経団連くりっぷ No.149 (2001年6月14日)

なびげーたー

事務総長に就任して

事務総長 和田龍幸


5月25日の定時総会において新たに事務総長に任命された。団体の事務局運営という任務のほかに新団体設立への準備という仕事が付け加わっている点が、従来の例と異なっている。
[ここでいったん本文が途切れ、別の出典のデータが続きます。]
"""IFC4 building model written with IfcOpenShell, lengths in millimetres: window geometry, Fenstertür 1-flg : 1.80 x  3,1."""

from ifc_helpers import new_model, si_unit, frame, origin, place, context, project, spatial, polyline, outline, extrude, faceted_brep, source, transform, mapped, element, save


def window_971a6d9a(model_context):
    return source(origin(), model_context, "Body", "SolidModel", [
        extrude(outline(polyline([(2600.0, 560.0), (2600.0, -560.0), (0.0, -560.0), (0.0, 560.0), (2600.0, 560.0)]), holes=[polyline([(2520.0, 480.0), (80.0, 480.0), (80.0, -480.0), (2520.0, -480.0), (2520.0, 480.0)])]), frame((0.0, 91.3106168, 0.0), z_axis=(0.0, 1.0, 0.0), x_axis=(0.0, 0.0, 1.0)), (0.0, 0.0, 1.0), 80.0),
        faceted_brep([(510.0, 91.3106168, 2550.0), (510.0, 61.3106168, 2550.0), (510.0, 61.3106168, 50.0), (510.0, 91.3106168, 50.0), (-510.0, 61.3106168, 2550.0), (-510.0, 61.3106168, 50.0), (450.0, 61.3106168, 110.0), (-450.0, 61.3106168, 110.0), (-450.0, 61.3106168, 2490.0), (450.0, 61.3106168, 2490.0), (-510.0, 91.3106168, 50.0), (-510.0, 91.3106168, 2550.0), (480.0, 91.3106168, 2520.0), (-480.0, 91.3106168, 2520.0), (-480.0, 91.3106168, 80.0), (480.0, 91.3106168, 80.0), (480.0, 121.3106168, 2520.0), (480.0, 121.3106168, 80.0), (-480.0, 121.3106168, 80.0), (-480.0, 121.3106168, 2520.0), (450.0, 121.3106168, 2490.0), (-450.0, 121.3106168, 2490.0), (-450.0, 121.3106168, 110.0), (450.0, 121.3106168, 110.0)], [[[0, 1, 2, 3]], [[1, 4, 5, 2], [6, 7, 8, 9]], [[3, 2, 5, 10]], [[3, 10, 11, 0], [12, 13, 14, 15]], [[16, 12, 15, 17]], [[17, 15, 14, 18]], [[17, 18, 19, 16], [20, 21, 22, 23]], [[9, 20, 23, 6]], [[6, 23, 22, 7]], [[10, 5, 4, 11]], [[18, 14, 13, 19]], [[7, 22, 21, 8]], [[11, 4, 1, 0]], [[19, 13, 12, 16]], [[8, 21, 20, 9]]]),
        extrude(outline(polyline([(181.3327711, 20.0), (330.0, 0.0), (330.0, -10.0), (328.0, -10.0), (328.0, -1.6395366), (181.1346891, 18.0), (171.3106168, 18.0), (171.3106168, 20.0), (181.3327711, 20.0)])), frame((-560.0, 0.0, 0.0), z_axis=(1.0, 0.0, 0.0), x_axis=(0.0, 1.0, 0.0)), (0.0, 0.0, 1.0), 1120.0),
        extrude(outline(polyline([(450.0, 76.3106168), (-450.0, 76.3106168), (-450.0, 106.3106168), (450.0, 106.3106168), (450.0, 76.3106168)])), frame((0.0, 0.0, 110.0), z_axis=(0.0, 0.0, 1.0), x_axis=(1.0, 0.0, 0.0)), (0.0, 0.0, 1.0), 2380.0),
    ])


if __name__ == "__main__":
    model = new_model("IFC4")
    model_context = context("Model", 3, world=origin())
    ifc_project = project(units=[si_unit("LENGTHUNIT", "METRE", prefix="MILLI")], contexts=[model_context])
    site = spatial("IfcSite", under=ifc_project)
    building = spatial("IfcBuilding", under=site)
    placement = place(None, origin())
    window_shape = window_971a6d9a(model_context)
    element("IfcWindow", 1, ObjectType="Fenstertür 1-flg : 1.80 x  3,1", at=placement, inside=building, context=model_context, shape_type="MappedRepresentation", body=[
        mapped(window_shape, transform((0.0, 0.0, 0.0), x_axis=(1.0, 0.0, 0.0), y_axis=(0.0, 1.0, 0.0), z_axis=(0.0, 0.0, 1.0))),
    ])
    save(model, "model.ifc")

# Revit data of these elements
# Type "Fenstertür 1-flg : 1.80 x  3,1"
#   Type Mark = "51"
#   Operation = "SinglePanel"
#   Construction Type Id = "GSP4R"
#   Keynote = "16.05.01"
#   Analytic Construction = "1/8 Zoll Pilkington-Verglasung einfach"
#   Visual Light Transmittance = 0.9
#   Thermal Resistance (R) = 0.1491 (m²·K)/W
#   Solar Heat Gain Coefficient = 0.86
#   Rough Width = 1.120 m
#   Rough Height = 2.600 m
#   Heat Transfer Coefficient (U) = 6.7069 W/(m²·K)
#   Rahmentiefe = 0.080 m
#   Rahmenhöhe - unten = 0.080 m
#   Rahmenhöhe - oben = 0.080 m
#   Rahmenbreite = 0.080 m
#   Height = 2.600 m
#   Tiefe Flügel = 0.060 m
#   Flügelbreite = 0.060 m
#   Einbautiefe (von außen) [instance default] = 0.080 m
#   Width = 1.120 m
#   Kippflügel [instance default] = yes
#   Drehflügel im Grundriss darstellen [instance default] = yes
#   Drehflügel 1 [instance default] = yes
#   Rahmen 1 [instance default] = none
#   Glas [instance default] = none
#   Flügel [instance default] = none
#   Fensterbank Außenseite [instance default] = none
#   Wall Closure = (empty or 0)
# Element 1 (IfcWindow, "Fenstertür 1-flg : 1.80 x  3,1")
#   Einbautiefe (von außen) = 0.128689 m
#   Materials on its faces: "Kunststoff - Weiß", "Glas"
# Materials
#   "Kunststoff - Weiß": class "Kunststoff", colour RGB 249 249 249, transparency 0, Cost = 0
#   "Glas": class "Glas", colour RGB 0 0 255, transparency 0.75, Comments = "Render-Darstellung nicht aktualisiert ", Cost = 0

  1. 創立以来55年の経団連の歴史を振り返ると、四つの大きな変革を経てきた。
    第1は、オイルショックである。これを機に政党、官庁、海外との折衝が一挙に拡大し、現在の事務局体制の原型が出来上がった。
    第2は、1993年の政治資金斡旋の中止である。いわゆる55年体制の下で、良きにつけ悪しにつけ、一体感のあった政治との関係が見直された。反面、このことから主義主張で立場を鮮明にすることが求められる結果になった。
    第3は、バブル現象を一つの契機として、政策立案のウエイトが官から政治へと微妙にシフトし、経済の市場現場でのプレーヤーの集まりである経団連の見解を求められるケースが急増したことである。
    第4は、日経連との統合による新団体の設立である。

  2. 経団連事務局は大きな変化に直面するごとに、会員ニーズに対応すべく組織、機能の改善に努力してきた。すでに、団体統合の理念は提示されているが、第4の変革に際して日常的な機能として期待されるものは何なのであろうか。

    (1) 政治力のパワーアップ
    政党、政府に対し内外の環境変化に即応した諸制度が整備されるよう改革を求め、実現するのが経済団体の役目である。その際、視点がよりグローバルに、より広い地域へ、より多くの企業、従業員に向けば、政策要求の範囲は広がり、より強い政治力、折衝力が求められる。選挙制度、政治資金問題も避けて通れない。

    (2) 地球環境保全への自己努力
    経団連の環境自主行動計画は、わが国CO2排出量の全体の80%弱をカバーするほど包括的である。官による規制に依存することなく自己責任で対応するという認識の広がりが求められる。

    (3) シンクタンク機能
    1,000万人近くに達すると予想される従業員をかかえる団体は、新技術、新産業のシーズの巨大な宝庫でもあり、その宝庫を開き、民の潜在能力を引き出す知恵が求められる。

    (4) NPOのパートナー
    NPOは政府活動の隙間を埋めるものではない。企業市民を動員して社会そのものを変える強力なインターミディアリーとして活動の充実が求められる。

    (5) 民間外交の深化
    グローバル時代の日本を支えるため、民間としてさらに汗をかくことが求められる。

  3. 以上の例は体系のない全くの私見であるが、いずれにせよ、新たな機能を果たしうる事務局へ、否応なしに脱皮すべき時期がそこに迫っている。